Oculus – http://www.oculusinfo.com/ 2010 entry http://www.oculusinfo.com/nspace2-and-the-ieee-vast-challenge/

Solutions


125-Bertini

http://129.63.17.205/vast/challengesubmissions/125-Bertini-GC/index_grand.htm

MC1: Tweets

Lots of data wrangling/pre-processing at initial stage of analysis. Built in-house analysis tool to examine tweets. Application features frequency chart, map, and filtering frames. Additional features are tweet browser and word cloud visualizer.

  • Started by looking at map overview for tweet patterns
  • Refinement patterns focus on identifying "interesting" tweet clusters in overview, using word cloud for detail views and user IDs, and then tracking user IDs for finding more pivotal events. Also looks at full tweets on occasion.

MC2: Network Analysis

Network analysis tool. Overview features data over time, with each time block annotated with important network events (e.g., DDoS attacks). Each time block assumes the same purposes of sparklines.

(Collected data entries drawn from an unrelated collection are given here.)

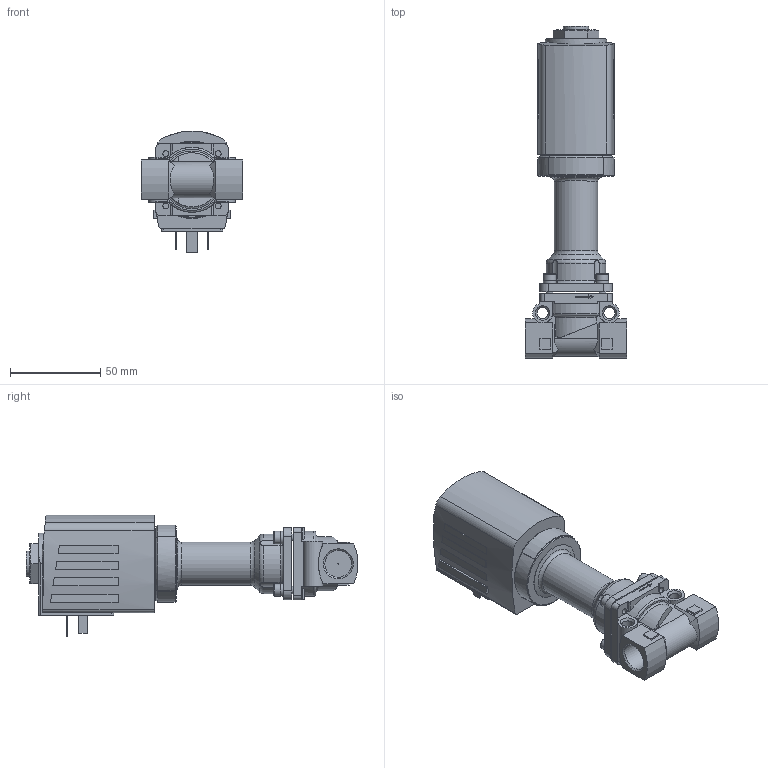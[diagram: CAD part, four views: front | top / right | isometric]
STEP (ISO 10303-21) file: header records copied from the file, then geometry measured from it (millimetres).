
FILE_DESCRIPTION(/* description */ ('STEP AP214'),/* implementation_level */ '2;1');
FILE_NAME(/* name */ '6026-357456-pluger_valve_2_2_Wege_direct-acting',/* time_stamp */ '2024-03-04T13:57:47+01:00',/* author */ ('License CC BY-ND 4.0'),/* organization */ ('CADENAS'),/* preprocessor_version */ 'ST-DEVELOPER v19.3',/* originating_system */ 'PARTsolutions',/* authorisation */ ' ');
FILE_SCHEMA (('AUTOMOTIVE_DESIGN {1 0 10303 214 3 1 1}'));
Length unit declared in the file: millimetre
Products named in the file (4): 6026-357456-pluger valve 2/2 Wege direct-acting; 6026ms centerpiece 0; 6026g-G 3/8MS-pluger valve_body; AC10ex-42SG=k-Plan-Coil
Assembly tree (3 placements, depth 2):
  6026-357456-pluger valve 2/2 Wege direct-acting
    6026ms centerpiece 0
    6026g-G 3/8MS-pluger valve_body
    AC10ex-42SG=k-Plan-Coil
Bounding box: 56 x 183.93 x 67.5 mm (x, y, z)
Volume: 233916.2 mm3; surface area: 40442.5 mm2
Topology: 3 solids, 3 shells, 308 faces, 760 edges, 498 vertices
Faces by surface type: plane 171, cylinder 92, cone 30, torus 15
Full cylindrical faces by diameter (mm): 0.4 x1, 2.013 x1, 3.242 x4, 4 x4, 6.3 x2, 7 x4, 7.1 x4, 7.8 x4, 14 x1, 14.95 x2, 24 x1, 30.3 x1, 32 x1, 42.3 x1
Entity records: 10254 total; most frequent: CARTESIAN_POINT 1759, DIRECTION 1498, ORIENTED_EDGE 1392, EDGE_CURVE 696, AXIS2_PLACEMENT_3D 552, VERTEX_POINT 486, EDGE_LOOP 414, FACE_BOUND 414

  • Analysis starts with overview mode, filtering for interesting, patterned events.
  • Constant filtering via time, types of events, and connection source/external IPs associated with events.

MC3: Text Analysis

Unlike other MC's, this is exceedingly messy. Uses STW Counter, Knime, Stanford Tagger, Jigsaw, Visio, KIAWordCloudVis, and lots of by-hand processing. Aim is to reduce corpus of documents to a list of candidates, and then into a shorter list of evidence. Analysis relied heavily on a manually generated list of suspicious words that could be used as initial-stage filters on the corpus.